Autonomous vehicle-based storage and retrieval systems are commonly used in many fulfillment centers (e.g., e-commerce warehouses), because they allow a high- and flexible-throughput capacity. In these systems, roaming robots transport loads between a storage location and a workstation. Two main variants exist: horizontal , where the robots only move horizontally and use lifts for vertical transport, and a new variant vertical , where the robots can also travel vertically in the rack. This paper builds a framework to analyze the performance of the vertical system and compare its throughput capacity with the horizontal system. We build closed queueing network models for this that, in turn, are used to optimize the design. The results show that the optimal height-to-width ratio of a vertical system is around one.
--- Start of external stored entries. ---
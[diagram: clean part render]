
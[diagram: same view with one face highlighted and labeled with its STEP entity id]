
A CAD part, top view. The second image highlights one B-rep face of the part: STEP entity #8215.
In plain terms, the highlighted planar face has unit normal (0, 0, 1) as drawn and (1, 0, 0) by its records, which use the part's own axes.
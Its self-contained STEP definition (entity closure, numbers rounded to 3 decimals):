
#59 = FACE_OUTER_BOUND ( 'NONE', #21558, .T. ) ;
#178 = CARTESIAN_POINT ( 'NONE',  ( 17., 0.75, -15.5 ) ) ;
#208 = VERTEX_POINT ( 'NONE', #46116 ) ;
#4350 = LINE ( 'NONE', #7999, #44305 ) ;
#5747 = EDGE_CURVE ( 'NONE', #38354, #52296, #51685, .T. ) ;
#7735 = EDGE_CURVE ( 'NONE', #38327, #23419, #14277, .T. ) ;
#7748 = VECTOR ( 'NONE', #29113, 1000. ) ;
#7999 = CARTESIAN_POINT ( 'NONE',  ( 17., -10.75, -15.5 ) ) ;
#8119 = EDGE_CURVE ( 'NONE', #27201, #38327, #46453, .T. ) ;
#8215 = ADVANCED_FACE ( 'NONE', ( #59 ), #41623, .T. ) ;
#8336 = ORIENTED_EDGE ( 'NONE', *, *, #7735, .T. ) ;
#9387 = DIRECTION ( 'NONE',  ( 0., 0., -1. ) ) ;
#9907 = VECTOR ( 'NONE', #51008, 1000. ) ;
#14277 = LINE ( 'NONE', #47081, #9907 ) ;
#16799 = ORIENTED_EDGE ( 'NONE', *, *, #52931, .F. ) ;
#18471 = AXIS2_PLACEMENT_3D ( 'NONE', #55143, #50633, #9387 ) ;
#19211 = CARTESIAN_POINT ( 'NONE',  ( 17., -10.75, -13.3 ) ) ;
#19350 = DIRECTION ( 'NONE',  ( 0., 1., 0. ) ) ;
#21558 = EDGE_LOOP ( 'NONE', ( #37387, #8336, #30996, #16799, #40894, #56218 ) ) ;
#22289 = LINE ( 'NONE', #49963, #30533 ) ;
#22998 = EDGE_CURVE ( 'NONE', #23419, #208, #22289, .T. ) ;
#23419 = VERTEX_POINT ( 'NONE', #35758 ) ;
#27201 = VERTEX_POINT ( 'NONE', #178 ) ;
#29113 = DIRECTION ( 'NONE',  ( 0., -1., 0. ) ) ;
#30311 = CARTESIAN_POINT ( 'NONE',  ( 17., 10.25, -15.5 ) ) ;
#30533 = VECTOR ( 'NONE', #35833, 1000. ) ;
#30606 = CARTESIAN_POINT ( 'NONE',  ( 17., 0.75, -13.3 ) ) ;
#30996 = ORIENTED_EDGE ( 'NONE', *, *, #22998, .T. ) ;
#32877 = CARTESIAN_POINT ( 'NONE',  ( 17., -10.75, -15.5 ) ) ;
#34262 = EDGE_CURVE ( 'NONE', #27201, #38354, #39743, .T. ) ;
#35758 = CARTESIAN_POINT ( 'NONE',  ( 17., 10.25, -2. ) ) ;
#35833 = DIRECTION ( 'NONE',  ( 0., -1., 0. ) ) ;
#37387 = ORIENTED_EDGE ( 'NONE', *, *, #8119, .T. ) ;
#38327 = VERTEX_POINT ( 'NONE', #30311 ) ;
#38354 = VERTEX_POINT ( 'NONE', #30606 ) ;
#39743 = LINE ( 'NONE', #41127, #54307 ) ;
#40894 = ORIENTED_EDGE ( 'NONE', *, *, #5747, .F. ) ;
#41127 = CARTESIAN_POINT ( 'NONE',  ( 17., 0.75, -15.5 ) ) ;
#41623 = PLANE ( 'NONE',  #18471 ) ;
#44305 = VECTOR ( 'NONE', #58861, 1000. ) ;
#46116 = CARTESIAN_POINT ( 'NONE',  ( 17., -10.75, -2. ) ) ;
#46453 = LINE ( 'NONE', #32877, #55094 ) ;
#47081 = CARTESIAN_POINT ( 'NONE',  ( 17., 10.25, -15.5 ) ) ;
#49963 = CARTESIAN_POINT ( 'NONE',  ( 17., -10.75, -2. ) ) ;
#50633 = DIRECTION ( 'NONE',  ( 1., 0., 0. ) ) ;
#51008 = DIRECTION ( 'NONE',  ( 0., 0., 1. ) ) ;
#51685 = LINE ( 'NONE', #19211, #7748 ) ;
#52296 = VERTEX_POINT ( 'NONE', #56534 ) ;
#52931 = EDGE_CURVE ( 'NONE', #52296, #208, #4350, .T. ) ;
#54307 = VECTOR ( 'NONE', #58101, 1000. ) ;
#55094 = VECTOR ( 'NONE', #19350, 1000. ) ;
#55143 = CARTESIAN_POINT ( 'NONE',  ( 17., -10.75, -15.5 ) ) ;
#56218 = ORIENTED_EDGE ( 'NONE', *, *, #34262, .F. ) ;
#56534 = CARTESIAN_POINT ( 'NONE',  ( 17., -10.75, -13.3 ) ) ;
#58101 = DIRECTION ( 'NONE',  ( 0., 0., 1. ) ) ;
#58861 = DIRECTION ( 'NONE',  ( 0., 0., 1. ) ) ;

Because a large number of system robots may lead to blocking and delays, we compare the effects of different robot blocking protocols on the system throughput: robot Recirculation and Wait-on-Spot. The Wait-on-Spot policy produces a higher system throughput when the number of robots in the system is small. However, for a large number of robots in the system, the Recirculation policy dominates the Wait-on-Spot policy. Finally, we compare the operational costs of the vertical and horizontal transport systems. For systems with one load/unload (L/U) point, the vertical system always produces a similar or higher system throughput with a lower operating cost compared with the horizontal system with a discrete lift. It also outperforms the horizontal system with a continuous lift in systems with two L/U points.

Suggested Citation

  • Kaveh Azadeh & Debjit Roy & René De Koster, 2019. "Design, Modeling, and Analysis of Vertical Robotic Storage and Retrieval Systems," Transportation Science, INFORMS, vol. 53(5), pages 1213-1234, September.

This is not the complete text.